→ **Task goal**: Return the run of lines below that opens with the line containing "Faces by surface type: plane 702, bspline" and closes with the line containing "FILE_DESCRIPTION(('STEP AP214'), '1');", keeping each one exact.

→ **Source data**:
◆ ◆ ◆ ◆ ◆

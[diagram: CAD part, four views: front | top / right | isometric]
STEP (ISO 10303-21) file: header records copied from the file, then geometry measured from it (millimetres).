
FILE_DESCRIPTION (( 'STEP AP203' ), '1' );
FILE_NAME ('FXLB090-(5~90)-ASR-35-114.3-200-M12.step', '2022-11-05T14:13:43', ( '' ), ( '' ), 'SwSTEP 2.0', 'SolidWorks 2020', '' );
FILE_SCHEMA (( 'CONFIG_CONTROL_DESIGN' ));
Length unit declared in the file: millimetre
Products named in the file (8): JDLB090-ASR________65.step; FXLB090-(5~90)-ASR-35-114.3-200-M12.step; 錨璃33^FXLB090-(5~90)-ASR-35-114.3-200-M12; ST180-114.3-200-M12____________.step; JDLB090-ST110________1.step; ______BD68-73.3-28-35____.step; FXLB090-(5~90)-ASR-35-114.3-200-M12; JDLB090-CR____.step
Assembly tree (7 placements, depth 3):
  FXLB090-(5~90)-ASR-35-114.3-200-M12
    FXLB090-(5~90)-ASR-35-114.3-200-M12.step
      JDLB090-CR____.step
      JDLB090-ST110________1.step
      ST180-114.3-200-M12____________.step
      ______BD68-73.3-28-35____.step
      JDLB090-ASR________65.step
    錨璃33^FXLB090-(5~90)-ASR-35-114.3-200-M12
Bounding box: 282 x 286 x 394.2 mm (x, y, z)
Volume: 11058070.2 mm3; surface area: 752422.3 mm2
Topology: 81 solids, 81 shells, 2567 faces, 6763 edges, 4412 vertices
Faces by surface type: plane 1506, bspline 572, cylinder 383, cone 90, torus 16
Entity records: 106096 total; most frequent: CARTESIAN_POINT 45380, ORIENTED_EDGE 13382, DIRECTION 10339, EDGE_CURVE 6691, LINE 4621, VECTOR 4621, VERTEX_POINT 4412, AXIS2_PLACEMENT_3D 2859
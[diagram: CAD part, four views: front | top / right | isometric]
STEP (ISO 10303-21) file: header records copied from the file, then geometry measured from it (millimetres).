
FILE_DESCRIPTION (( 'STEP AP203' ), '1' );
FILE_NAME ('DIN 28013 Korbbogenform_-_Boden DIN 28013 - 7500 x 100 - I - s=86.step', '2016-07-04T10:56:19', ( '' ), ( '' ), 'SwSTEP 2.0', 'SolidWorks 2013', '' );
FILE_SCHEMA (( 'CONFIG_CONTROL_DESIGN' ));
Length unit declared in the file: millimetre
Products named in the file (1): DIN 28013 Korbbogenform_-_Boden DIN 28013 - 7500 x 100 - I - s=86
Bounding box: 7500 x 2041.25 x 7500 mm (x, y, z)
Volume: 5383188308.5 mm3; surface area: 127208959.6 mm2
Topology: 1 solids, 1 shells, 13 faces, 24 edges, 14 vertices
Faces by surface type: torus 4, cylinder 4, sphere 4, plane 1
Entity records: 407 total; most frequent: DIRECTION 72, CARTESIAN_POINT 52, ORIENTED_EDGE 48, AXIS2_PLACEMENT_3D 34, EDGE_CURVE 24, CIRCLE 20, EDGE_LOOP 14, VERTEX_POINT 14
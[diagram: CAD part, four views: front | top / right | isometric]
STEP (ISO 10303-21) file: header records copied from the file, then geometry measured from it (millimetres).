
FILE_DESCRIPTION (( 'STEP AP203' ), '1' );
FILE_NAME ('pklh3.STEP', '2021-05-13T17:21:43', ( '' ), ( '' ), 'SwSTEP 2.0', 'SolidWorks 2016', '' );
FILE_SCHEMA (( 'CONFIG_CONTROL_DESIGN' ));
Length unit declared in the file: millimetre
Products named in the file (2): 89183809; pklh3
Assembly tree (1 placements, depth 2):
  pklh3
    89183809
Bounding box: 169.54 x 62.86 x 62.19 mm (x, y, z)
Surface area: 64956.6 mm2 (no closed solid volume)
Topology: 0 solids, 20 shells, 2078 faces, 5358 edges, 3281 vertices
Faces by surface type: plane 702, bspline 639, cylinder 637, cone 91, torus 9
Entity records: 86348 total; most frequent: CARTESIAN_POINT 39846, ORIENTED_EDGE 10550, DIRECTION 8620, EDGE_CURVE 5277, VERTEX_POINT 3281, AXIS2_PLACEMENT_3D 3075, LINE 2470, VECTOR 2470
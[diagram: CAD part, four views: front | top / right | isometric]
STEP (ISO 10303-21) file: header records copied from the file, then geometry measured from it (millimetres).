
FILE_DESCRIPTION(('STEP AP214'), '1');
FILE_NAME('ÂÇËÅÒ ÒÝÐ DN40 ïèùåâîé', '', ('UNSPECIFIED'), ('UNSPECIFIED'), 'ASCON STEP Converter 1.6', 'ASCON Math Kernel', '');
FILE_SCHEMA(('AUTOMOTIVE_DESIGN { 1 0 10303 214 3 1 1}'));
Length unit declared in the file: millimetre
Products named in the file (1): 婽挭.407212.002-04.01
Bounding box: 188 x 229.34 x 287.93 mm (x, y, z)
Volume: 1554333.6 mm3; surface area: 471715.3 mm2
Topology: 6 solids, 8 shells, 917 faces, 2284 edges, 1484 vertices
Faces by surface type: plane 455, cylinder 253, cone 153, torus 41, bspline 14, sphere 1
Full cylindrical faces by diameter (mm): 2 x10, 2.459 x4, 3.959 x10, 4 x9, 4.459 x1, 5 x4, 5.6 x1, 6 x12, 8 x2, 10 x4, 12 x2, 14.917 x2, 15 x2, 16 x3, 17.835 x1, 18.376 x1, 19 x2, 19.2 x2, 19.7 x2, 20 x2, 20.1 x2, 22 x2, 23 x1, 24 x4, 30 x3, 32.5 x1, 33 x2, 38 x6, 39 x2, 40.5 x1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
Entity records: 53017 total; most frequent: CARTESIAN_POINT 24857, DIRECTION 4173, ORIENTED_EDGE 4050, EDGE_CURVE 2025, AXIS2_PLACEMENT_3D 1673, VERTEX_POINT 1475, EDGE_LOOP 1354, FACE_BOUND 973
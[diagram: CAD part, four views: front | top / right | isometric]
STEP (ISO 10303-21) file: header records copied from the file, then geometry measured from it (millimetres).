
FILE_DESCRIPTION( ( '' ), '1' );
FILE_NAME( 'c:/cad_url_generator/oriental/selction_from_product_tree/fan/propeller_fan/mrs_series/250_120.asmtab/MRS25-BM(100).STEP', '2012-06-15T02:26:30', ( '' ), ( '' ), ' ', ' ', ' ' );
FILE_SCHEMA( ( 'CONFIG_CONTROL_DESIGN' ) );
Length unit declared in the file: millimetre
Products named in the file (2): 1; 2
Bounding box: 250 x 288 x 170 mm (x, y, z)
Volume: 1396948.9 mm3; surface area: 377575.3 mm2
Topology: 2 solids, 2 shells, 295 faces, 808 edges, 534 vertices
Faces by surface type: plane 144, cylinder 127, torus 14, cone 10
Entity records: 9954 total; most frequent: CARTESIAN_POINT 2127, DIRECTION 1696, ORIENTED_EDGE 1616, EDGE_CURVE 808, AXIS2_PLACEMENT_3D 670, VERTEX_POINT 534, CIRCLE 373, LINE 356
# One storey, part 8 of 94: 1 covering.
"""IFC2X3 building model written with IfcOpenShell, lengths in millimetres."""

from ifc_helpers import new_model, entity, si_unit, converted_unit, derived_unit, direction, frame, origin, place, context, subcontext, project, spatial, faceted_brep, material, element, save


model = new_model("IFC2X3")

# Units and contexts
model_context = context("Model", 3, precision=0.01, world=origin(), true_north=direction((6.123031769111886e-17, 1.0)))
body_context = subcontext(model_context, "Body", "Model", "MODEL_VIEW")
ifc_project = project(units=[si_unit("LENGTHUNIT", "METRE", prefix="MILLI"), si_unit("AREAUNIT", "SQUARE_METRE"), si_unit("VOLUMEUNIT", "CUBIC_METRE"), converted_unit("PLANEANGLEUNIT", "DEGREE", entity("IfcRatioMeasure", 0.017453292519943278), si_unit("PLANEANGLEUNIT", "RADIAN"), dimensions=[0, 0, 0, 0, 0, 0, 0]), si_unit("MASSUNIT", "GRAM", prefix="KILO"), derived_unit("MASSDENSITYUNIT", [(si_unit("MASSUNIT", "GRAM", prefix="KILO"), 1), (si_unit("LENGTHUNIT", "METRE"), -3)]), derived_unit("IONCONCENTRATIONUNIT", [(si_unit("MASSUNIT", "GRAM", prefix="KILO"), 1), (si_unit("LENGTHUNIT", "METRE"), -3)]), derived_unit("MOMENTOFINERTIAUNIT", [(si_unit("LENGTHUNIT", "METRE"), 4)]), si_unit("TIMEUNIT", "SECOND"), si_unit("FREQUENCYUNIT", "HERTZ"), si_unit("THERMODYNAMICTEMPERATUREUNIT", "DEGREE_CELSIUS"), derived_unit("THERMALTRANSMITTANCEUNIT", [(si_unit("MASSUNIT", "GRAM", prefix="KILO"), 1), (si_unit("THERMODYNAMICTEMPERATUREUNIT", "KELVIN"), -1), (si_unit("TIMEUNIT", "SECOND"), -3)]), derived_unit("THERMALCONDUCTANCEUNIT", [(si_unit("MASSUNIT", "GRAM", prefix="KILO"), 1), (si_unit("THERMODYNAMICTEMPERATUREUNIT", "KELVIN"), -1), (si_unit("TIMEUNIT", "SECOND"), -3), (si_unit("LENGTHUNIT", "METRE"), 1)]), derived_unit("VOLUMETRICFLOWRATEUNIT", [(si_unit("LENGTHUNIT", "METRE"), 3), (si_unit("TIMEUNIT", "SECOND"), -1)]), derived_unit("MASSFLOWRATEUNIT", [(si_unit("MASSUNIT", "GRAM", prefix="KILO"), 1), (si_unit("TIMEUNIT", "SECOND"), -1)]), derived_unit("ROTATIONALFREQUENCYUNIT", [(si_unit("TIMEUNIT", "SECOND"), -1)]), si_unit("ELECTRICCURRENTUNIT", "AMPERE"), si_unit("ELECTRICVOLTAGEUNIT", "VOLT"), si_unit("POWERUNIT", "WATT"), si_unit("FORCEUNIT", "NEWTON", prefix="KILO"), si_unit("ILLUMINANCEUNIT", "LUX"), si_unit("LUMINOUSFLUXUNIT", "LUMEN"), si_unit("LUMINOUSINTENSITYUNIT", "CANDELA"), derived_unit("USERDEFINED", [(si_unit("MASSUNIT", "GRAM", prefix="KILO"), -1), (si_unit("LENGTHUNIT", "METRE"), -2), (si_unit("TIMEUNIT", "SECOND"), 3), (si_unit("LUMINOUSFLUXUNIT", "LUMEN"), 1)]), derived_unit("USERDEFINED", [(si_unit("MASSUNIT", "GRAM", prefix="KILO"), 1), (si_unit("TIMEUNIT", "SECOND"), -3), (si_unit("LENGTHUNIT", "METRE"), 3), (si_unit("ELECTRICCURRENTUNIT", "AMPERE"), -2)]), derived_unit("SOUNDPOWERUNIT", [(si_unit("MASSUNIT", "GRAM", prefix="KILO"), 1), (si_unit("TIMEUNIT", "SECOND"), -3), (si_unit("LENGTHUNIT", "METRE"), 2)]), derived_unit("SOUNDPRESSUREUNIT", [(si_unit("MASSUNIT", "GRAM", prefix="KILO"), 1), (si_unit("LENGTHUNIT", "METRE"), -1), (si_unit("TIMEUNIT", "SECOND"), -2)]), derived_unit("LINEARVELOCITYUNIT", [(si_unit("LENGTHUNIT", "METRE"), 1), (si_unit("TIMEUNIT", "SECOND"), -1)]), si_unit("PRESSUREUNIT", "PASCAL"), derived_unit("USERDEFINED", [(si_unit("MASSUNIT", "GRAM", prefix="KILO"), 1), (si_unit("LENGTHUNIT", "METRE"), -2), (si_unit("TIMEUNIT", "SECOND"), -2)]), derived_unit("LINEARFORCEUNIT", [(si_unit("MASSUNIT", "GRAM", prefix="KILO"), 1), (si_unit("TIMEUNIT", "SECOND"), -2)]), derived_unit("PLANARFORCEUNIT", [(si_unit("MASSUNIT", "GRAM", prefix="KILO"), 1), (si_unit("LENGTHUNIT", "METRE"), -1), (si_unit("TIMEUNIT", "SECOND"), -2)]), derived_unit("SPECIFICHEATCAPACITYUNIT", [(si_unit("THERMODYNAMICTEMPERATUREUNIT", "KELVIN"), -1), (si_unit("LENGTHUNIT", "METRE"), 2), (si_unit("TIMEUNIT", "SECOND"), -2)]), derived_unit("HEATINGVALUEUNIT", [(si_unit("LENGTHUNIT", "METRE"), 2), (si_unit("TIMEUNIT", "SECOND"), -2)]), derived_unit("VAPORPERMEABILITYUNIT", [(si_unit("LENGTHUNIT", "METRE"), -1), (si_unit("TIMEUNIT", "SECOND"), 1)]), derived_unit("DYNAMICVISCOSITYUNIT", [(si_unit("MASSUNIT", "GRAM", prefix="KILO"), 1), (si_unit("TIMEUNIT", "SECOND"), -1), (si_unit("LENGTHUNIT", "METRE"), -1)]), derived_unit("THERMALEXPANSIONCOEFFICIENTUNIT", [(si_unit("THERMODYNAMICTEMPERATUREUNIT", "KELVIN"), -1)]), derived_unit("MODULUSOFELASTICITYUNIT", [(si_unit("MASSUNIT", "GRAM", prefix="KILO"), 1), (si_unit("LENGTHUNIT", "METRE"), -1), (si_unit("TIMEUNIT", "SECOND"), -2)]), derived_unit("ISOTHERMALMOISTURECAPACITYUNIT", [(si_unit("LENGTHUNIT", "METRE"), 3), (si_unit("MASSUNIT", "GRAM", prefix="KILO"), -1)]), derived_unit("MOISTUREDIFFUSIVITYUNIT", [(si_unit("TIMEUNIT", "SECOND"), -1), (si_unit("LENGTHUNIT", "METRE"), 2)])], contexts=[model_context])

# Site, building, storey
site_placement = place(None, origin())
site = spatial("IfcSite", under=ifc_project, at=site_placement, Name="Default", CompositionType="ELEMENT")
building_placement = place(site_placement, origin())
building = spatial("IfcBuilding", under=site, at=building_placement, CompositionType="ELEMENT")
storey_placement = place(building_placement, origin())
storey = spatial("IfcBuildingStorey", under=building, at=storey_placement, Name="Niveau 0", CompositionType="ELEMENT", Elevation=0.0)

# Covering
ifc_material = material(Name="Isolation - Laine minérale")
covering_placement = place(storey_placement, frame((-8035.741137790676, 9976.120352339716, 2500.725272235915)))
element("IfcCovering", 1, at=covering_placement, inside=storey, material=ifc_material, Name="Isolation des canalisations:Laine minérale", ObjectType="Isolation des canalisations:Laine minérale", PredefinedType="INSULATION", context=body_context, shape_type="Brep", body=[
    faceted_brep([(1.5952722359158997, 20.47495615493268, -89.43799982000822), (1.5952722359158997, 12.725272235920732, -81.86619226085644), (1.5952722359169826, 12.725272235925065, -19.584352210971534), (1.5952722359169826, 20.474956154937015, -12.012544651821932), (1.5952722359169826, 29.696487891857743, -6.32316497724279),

◆ ◆ ◆ ◆ ◆

→ **Result**:
Faces by surface type: plane 702, bspline 639, cylinder 637, cone 91, torus 9
Entity records: 86348 total; most frequent: CARTESIAN_POINT 39846, ORIENTED_EDGE 10550, DIRECTION 8620, EDGE_CURVE 5277, VERTEX_POINT 3281, AXIS2_PLACEMENT_3D 3075, LINE 2470, VECTOR 2470
[diagram: CAD part, four views: front | top / right | isometric]
STEP (ISO 10303-21) file: header records copied from the file, then geometry measured from it (millimetres).
FILE_DESCRIPTION(('STEP AP214'), '1');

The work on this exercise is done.